StackShareStackShare
Follow on
StackShare

Discover and share technology stacks from companies around the world.

Follow on

© 2025 StackShare. All rights reserved.

Product

  • Stacks
  • Tools
  • Feed

Company

  • About
  • Contact

Legal

  • Privacy Policy
  • Terms of Service
  1. Stackups
  2. Application & Data
  3. Frameworks
  4. Frameworks
  5. Django Channels vs Tornado

Django Channels vs Tornado

OverviewComparisonAlternatives

Overview

Tornado
Tornado
Stacks530
Followers409
Votes167
GitHub Stars22.3K
Forks5.5K
Django Channels
Django Channels
Stacks100
Followers130
Votes1
GitHub Stars6.3K
Forks816

Django Channels vs Tornado: What are the differences?

Introduction

In this Markdown code, we will provide the key differences between Django Channels and Tornado. Django Channels and Tornado are both popular frameworks used for building real-time web applications.
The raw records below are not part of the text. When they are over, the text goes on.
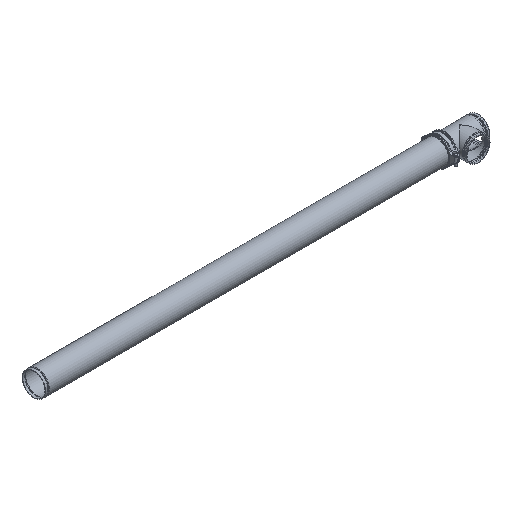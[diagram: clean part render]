
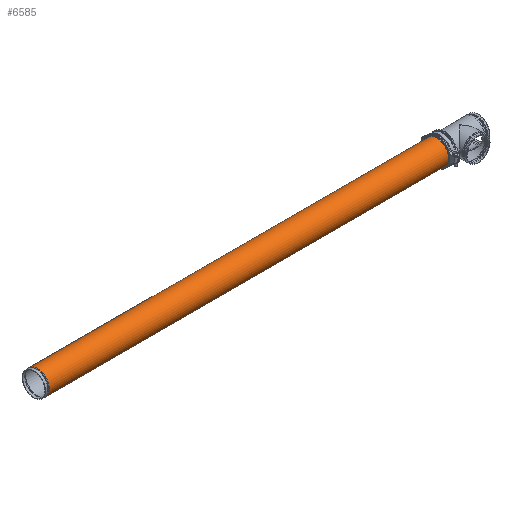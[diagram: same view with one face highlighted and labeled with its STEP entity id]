
A CAD part, isometric view. The second image highlights one B-rep face of the part: STEP entity #6585.
In plain terms, the highlighted cylindrical face has radius 177.8 mm (diameter 355.6 mm), a full revolution.
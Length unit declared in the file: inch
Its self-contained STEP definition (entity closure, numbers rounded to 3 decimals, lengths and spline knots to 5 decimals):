
#310=LINE('',#9818,#690);
#690=VECTOR('',#7874,7.);
#1069=CYLINDRICAL_SURFACE('',#7047,7.);
#1261=FACE_OUTER_BOUND('',#1603,.T.);
#1603=EDGE_LOOP('',(#4145,#4146,#4147,#4148,#4149,#4150));
#1979=CIRCLE('',#7045,7.);
#1980=CIRCLE('',#7046,7.);
#1981=CIRCLE('',#7048,7.);
#1982=CIRCLE('',#7049,7.);
#2408=VERTEX_POINT('',#9808);
#2409=VERTEX_POINT('',#9809);
#2410=VERTEX_POINT('',#9814);
#2411=VERTEX_POINT('',#9815);
#3109=EDGE_CURVE('',#2408,#2409,#1979,.T.);
#3110=EDGE_CURVE('',#2409,#2408,#1980,.T.);
#3112=EDGE_CURVE('',#2410,#2411,#1981,.T.);
#3113=EDGE_CURVE('',#2411,#2410,#1982,.T.);
#3114=EDGE_CURVE('',#2411,#2409,#310,.T.);
#4145=ORIENTED_EDGE('',*,*,#3112,.F.);
#4146=ORIENTED_EDGE('',*,*,#3113,.F.);
#4147=ORIENTED_EDGE('',*,*,#3114,.T.);
#4148=ORIENTED_EDGE('',*,*,#3110,.T.);
#4149=ORIENTED_EDGE('',*,*,#3109,.T.);
#4150=ORIENTED_EDGE('',*,*,#3114,.F.);
#6585=ADVANCED_FACE('',(#1261),#1069,.T.);
#7045=AXIS2_PLACEMENT_3D('',#9810,#7863,#7864);
#7046=AXIS2_PLACEMENT_3D('',#9811,#7865,#7866);
#7047=AXIS2_PLACEMENT_3D('',#9813,#7868,#7869);
#7048=AXIS2_PLACEMENT_3D('',#9816,#7870,#7871);
#7049=AXIS2_PLACEMENT_3D('',#9817,#7872,#7873);
#7863=DIRECTION('center_axis',(1.,0.,0.));
#7864=DIRECTION('ref_axis',(0.,1.,0.));
#7865=DIRECTION('center_axis',(1.,0.,0.));
#7866=DIRECTION('ref_axis',(0.,1.,0.));
#7868=DIRECTION('center_axis',(1.,0.,0.));
#7869=DIRECTION('ref_axis',(0.,1.,0.));
#7870=DIRECTION('center_axis',(1.,0.,0.));
#7871=DIRECTION('ref_axis',(0.,1.,0.));
#7872=DIRECTION('center_axis',(1.,0.,0.));
#7873=DIRECTION('ref_axis',(0.,1.,0.));
#7874=DIRECTION('',(-1.,0.,0.));
#9808=CARTESIAN_POINT('',(-117.88023,7.,0.));
#9809=CARTESIAN_POINT('',(-117.88023,-7.,0.));
#9810=CARTESIAN_POINT('Origin',(-117.88023,0.,
0.));
#9811=CARTESIAN_POINT('Origin',(-117.88023,0.,
0.));
#9813=CARTESIAN_POINT('Origin',(0.,0.,
0.));
#9814=CARTESIAN_POINT('',(117.88023,7.,0.));
#9815=CARTESIAN_POINT('',(117.88023,-7.,0.));
#9816=CARTESIAN_POINT('Origin',(117.88023,0.,0.));
#9817=CARTESIAN_POINT('Origin',(117.88023,0.,0.));
#9818=CARTESIAN_POINT('',(0.,-7.,0.));

However, there are several notable differences between the two.

  1. Architecture Design: Django Channels is built on top of the Django web framework and provides a layer for handling WebSocket connections, as well as supporting other protocols like HTTP. On the other hand, Tornado is a complete web framework that includes native support for WebSockets, allowing developers to handle real-time communication without any additional libraries or dependencies.

  2. Scalability: Django Channels is designed to work well with Django's traditional synchronous model, making it easier to integrate real-time features into existing Django applications. It uses a hybrid approach where synchronous code is still used for most tasks, while asynchronous code is used for handling long-running operations. Tornado, on the other hand, is built around an asynchronous event-driven model, making it more efficient when handling a large number of concurrent connections and tasks.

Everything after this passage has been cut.